For layer 3, each security group gets its own subnet. The router must allow the cloud to install and remove layer 3 routes corresponding to different subnets as security groups are created and destroyed.
With SDN, however, it is possible to define these functions in terms of a new network architecture. Rather than defining a relationship between security groups, VLANs, and IP routes, the SDN-controlled network can define “roles” for different programmable components (presumably using a combination of open flow and layer 3 route control) in the network.
For example, it is possible to build a layer 3 network between VMs that does not use an intermediate router. Instead, each host becomes an “edge router” that can send packets to a layer 2 network that sets up secure “circuits” between edge routers. In this model, each host hosting a VM maintains a routing table entry for the security group that correspond to a network or subnet. The layer 2 network, then, accepts commands from the cloud to set up a set of virtual circuits (implemented using switch forwarding tables) between all pairs of hosts participating in a security group. When a VM routes a packet, it goes to the host first (to make sure the VM isn’t spoofing its layer 3 address) and then the host forwards the packet to the layer 2 circuit switch.
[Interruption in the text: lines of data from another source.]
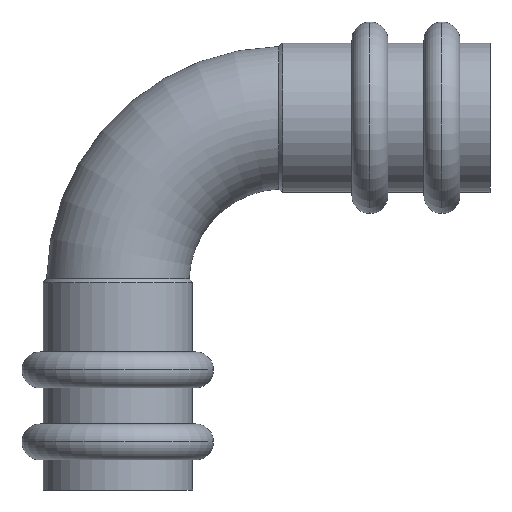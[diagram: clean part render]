
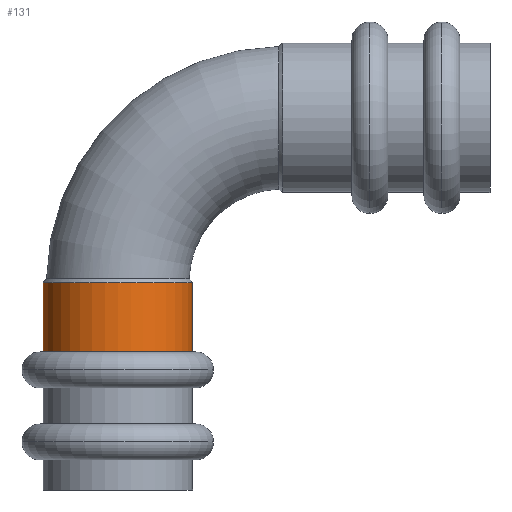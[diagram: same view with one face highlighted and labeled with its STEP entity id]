
A CAD part, front view. The second image highlights one B-rep face of the part: STEP entity #131.
In plain terms, the highlighted cylindrical face has radius 12.45 mm (diameter 24.9 mm), a partial arc.
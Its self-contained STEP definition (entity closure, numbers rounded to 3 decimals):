
#131=ADVANCED_FACE('',(#307),#308,.T.);
#307=FACE_OUTER_BOUND('',#543,.T.);
#308=CYLINDRICAL_SURFACE('',#544,12.45);
#543=EDGE_LOOP('',(#863,#864,#865,#866));
#544=AXIS2_PLACEMENT_3D('',#867,#868,#869);
#863=ORIENTED_EDGE('',*,*,#1356,.F.);
#864=ORIENTED_EDGE('',*,*,#1357,.T.);
#865=ORIENTED_EDGE('',*,*,#1358,.F.);
#866=ORIENTED_EDGE('',*,*,#1359,.F.);
#867=CARTESIAN_POINT('',(0.,0.0,28.75));
#868=DIRECTION('',(0.,0.0,-1.0));
#869=DIRECTION('',(1.0,0.0,0.));
#1356=EDGE_CURVE('',#1611,#1612,#1613,.T.);
#1357=EDGE_CURVE('',#1611,#1614,#1615,.T.);
#1358=EDGE_CURVE('',#1616,#1614,#1617,.T.);
#1359=EDGE_CURVE('',#1612,#1616,#1618,.T.);
#1611=VERTEX_POINT('',#2076);
#1612=VERTEX_POINT('',#2077);
#1613=LINE('',#2078,#2079);
#1614=VERTEX_POINT('',#2080);
#1615=CIRCLE('',#2081,12.45);
#1616=VERTEX_POINT('',#2082);
#1617=LINE('',#2083,#2084);
#1618=CIRCLE('',#2085,12.45);
#2076=CARTESIAN_POINT('',(12.45,0.,34.5));
#2077=CARTESIAN_POINT('',(12.45,0.,23.));
#2078=CARTESIAN_POINT('',(12.45,0.,28.75));
#2079=VECTOR('',#2596,1.0);
#2080=CARTESIAN_POINT('',(-12.45,0.,34.5));
#2081=AXIS2_PLACEMENT_3D('',#2597,#2598,#2599);
#2082=CARTESIAN_POINT('',(-12.45,0.,23.));
#2083=CARTESIAN_POINT('',(-12.45,0.,28.75));
#2084=VECTOR('',#2600,1.0);
#2085=AXIS2_PLACEMENT_3D('',#2601,#2602,#2603);
#2596=DIRECTION('',(0.,0.0,-1.0));
#2597=CARTESIAN_POINT('',(0.,0.0,34.5));
#2598=DIRECTION('',(0.,0.0,-1.0));
#2599=DIRECTION('',(1.0,0.0,0.));
#2600=DIRECTION('',(0.,-0.0,1.0));
#2601=CARTESIAN_POINT('',(0.,0.0,23.));
#2602=DIRECTION('',(0.,0.0,-1.0));
#2603=DIRECTION('',(1.0,0.0,0.));
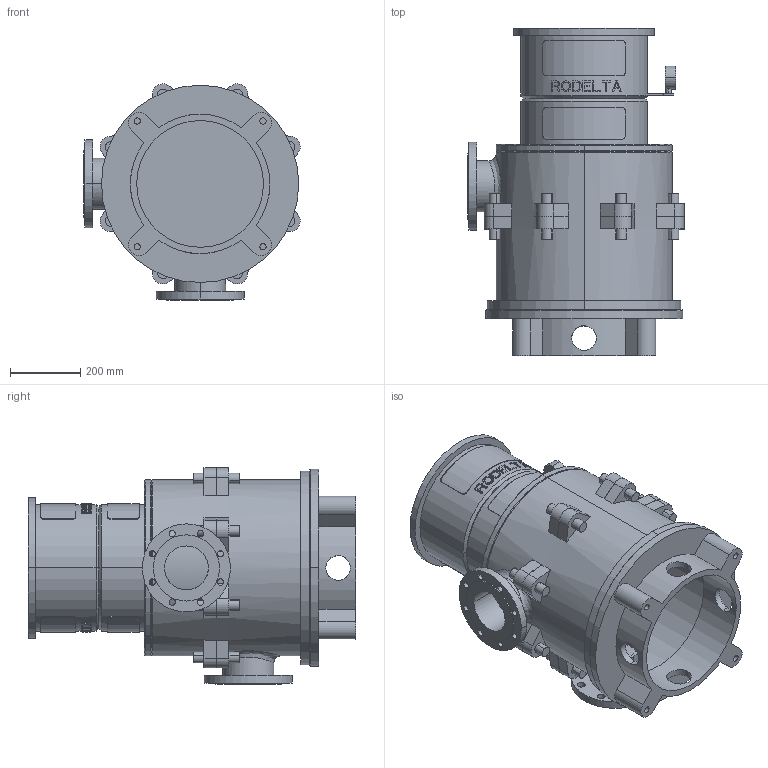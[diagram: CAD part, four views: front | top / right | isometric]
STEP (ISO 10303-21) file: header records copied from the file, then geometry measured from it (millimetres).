
FILE_DESCRIPTION((''),'2;1');
FILE_NAME('LS5_1TR_0GR_TOT_30KW','2023-08-08T',('Lyritlocal'),(''),'PRO/ENGINEER BY PARAMETRIC TECHNOLOGY CORPORATION, 2016360','PRO/ENGINEER BY PARAMETRIC TECHNOLOGY CORPORATION, 2016360','');
FILE_SCHEMA(('CONFIG_CONTROL_DESIGN'));
Length unit declared in the file: millimetre
Products named in the file (1): LS5_1TR_0GR_TOT_30KW
Bounding box: 614.04 x 930 x 614.04 mm (x, y, z)
Volume: 29690198.4 mm3; surface area: 3959001.4 mm2
Topology: 3 solids, 7 shells, 672 faces, 1749 edges, 1158 vertices
Faces by surface type: plane 414, cylinder 242, cone 12, bspline 4
Entity records: 22030 total; most frequent: CARTESIAN_POINT 5578, ORIENTED_EDGE 3482, DIRECTION 3271, EDGE_CURVE 1749, AXIS2_PLACEMENT_3D 1241, VERTEX_POINT 1158, EDGE_LOOP 807, VECTOR 789

The advantage of this approach is that there need not be a centralized router that is programmed with routing table entries. The disadvantage is that the layer 3 edge routers and the virtual circuit set up and tear down must be coordinated.
Thoughts on SDN and Cloud
For the purposes of cloud computing it is not clear whether one approach is significantly more powerful than the other. Indeed, it is possible to implement edge routers using standard networks and Linux machines. It is also possible to implement layer 2/layer 3 provisioning using a router and VLANs with SDN.
However, the proponents of SDN point out that architecturally the cloud is implementing a limited form of software defined networking when it provisions security groups. There is a controller (the cloud) that implements policy (isolated layer 2/layer 3 network and firewall rules) using programmable network devices (hosts for VLANs, router, and firewall device). They reason that these activities are independent of cloud computing (cloud computing is a special case) and thus should be implemented as their own service that the cloud uses.
The scalability of the approach is also an argument that gets made although far less convincingly. Many SDN papers hypothesize a new hierarchical separation of concerns for The Internet. The reasoning is that the current approach relies on a consistent set of layer 2/3 protocols everywhere the Internet is to go. If The Internet were designed as a common set of “core” protocols (say the current IP protocols) and edge routers that can tunnel new protocols through the core, innovations in networking will be possible. It is true that an overlay approach using tunnels is more flexible. The feature of The Internet that is most compelling, however, is its ability to remain stable at a global scale. It is not at all clear that the additional flexibility offered by SDN will scale to Internet sizes.